Le Studio est un des espaces de la Philharmonie dont on ne connaît pas toujours l’existence. Bien conçu et agréable, il s’avère parfait pour proposer au public si ce n’est des expériences tout du moins d’autres manières d’appréhender la musique. Sa taille (190 places), son acoustique, le rapport scène/ salle apportent la proximité nécessaire pour goûter à des projets tels que Cage 2, rencontre de la danseuse Élodie Sicard et du pianiste Bertrand Chamayou.
Quatre pianos sont disposés aux quatre coins de l’espace, à jardin comme à cour des tabourets qui vont accueillir la danseuse mais aussi la préparatrice des pianos, personnage indispensable qui officiera à chaque changement de piano. Sa présence est importante car ce personnage énigmatique devient, en exposant la réalité de son travail, un élément de compréhension de l’écoute.
Sonatas and interludes pour piano préparé est l’œuvre de John Cage choisie par les artistes pour tisser leur relation. Seize sonates et quatre pièces plus libres dans leur écriture forment un cycle écrit entre 1946 et 1948 et souvent considéré comme « l’une des plus belles réalisations de Cage ». On y retrouve dans les sonorités comme dans la forme son aspiration pour la musique orientale et la philosophie indienne.
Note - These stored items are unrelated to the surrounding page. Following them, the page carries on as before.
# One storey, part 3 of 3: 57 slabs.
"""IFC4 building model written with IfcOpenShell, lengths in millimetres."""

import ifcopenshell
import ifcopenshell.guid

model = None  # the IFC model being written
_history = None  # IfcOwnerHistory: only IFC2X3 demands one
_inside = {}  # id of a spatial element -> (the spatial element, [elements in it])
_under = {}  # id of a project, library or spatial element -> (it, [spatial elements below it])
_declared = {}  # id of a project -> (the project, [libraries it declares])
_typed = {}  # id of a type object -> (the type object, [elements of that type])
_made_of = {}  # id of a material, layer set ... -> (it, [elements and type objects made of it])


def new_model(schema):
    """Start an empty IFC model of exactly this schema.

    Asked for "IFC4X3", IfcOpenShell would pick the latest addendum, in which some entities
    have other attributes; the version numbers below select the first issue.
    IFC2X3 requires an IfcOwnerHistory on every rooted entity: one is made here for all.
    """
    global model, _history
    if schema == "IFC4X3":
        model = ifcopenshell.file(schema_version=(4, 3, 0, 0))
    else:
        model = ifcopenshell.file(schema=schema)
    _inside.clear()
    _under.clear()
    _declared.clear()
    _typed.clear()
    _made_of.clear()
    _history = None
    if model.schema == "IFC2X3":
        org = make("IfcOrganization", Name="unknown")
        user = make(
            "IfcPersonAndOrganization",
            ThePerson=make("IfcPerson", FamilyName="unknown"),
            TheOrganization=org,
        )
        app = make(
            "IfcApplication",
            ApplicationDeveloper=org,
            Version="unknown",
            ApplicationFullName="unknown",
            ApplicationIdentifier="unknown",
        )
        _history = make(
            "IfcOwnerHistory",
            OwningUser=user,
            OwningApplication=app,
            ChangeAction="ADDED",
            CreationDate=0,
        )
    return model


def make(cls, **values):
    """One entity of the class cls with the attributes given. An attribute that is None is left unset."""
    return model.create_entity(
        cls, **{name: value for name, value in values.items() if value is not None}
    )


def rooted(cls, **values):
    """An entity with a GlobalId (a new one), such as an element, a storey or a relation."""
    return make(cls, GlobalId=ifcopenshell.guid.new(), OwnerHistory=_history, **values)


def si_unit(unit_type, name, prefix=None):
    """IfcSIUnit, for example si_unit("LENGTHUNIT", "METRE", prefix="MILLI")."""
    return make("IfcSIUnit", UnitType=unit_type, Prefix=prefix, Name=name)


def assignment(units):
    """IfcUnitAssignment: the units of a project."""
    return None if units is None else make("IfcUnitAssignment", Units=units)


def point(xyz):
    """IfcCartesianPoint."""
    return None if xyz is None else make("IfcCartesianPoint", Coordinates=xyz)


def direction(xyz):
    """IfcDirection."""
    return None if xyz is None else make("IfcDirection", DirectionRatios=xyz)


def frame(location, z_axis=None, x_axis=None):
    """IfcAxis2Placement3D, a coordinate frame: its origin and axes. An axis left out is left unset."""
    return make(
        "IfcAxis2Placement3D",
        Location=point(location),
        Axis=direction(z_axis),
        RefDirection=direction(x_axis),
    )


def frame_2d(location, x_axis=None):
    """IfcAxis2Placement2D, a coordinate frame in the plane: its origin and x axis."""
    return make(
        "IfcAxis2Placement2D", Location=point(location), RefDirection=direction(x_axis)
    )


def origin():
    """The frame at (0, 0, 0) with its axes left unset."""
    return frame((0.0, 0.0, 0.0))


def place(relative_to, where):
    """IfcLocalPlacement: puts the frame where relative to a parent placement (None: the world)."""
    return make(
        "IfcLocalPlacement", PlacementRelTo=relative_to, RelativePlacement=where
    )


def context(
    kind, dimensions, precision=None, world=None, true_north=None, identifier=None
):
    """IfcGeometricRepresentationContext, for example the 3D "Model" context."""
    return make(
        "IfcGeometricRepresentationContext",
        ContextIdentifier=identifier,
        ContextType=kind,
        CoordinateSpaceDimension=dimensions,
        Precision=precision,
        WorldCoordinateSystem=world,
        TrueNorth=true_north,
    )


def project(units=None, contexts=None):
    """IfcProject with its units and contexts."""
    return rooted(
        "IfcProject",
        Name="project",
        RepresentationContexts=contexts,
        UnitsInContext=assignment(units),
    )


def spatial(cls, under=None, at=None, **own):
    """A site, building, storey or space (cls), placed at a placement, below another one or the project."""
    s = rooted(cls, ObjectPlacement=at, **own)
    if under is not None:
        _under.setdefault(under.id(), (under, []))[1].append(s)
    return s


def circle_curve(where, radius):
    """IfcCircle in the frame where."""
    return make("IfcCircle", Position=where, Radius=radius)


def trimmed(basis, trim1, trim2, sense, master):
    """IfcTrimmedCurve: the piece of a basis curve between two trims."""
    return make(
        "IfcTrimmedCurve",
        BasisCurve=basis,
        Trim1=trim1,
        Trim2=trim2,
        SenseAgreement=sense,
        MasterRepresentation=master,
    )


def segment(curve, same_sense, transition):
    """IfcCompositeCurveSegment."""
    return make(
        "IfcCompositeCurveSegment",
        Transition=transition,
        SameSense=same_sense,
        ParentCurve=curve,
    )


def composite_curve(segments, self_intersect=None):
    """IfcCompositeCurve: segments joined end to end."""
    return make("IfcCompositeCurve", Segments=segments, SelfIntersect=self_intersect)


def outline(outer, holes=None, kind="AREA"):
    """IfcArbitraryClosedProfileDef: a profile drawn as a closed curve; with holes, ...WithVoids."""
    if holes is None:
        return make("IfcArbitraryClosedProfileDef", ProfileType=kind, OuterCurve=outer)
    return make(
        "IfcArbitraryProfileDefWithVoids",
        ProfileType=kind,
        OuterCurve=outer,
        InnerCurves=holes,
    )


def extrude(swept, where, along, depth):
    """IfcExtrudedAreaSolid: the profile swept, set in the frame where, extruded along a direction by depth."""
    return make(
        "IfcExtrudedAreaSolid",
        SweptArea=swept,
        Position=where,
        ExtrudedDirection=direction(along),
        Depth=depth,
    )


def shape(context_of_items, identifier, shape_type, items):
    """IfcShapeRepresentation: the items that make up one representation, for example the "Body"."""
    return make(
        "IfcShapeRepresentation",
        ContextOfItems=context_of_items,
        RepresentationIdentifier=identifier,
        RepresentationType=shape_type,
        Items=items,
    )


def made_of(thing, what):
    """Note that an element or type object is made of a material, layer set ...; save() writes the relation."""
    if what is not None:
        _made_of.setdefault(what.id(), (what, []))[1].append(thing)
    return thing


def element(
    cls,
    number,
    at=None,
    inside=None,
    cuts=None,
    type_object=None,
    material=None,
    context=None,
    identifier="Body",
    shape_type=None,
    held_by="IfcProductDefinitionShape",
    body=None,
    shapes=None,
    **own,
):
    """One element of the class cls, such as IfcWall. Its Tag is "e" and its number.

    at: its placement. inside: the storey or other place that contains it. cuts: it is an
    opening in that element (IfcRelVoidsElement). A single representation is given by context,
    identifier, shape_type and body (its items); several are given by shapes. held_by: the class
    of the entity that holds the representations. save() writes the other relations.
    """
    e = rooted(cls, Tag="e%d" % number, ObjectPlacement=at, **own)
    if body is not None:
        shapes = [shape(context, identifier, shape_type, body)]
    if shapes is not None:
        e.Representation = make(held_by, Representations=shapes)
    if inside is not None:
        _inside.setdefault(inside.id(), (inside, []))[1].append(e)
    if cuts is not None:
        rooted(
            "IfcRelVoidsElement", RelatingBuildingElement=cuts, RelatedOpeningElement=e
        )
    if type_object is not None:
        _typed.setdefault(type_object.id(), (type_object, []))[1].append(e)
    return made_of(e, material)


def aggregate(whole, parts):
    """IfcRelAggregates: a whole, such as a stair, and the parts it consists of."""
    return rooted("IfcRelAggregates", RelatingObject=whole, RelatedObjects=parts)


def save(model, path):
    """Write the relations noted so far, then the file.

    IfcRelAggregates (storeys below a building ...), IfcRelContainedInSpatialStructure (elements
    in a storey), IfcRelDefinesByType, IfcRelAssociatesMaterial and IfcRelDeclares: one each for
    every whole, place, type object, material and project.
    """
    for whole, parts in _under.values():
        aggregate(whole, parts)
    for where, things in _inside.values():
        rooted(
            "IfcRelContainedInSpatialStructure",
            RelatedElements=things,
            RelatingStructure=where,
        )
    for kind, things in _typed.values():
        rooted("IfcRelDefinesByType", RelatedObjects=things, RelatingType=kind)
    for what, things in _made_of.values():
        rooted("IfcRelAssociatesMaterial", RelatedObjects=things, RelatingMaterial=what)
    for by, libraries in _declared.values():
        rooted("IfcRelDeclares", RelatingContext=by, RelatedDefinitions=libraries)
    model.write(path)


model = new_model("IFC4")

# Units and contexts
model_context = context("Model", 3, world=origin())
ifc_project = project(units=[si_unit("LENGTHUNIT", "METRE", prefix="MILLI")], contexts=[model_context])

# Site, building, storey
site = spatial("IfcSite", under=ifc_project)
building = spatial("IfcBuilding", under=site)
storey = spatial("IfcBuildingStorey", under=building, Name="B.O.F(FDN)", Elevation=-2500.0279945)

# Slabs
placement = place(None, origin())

Chacun des morceaux qui le composent a une fonction évocatrice : l’héroïque, l’érotique, le merveilleux, la joie, la douleur, la peur, la colère, l’odieux, mais se rassemblent sur une valeur commune, la tranquillité.
Il ne s’agit pas pour Élodie Sicard d’improviser sur du Cage, exercice assez simple mais hasardeux, grandement pratiqué en spectacle depuis quelques temps, mais bien d’écrire une danse en étroite relation avec l’écriture du compositeur sans pour autant y être assujettie. Entre technique, humour, théâtralisation, elle aborde l’œuvre du côté de la fidélité intellectuelle et tente de diversifier ses approches pour donner vie à l’humeur du compositeur. Bonne danseuse, sa danse est parfois graphique, très articulée, méditative. Une séquence où à genou face à un plateau sur lequel sont disposées des bougies, vêtue d’une garde cape noire, rappelle le désir d’orient qui animait John Cage au moment de la création de Sonatas and interludes.
Chaque courte danse invite à se plonger dans un imaginaire et l’on aimerait qu’Élodie Sicard, que l’on sent imprégnée de cette musique exigeante, développe son interprétation moins vers le visuel mais plus vers la nuance du geste et creuse du côté des qualités de mouvement. Elle pourrait ainsi trouver un équilibre entre conceptualisation et volonté spectaculaire. La séquence réalisée avec un genre de boa à se mettre autour du cou, aussi drôle et bien conçue soit- elle, parait bien anachronique dans cet ensemble finalement austère et méditatif. Malgré tout, ce mélange du sophistiqué et du quotidien a toute sa place chez Cage qui aimait le décalage.
Bertrand Chamayou tout à son piano respire la musique et le bonheur qu’elle produit. Le public tous âges confondus est à l’écoute, il applaudit sans retenue cette proposition qui sait lui ouvrir les yeux et les oreilles. La relation danse – musique a tout d’une tradition que la Philharmonie par ces programmes légers et accessibles sait parfaitement renouveler.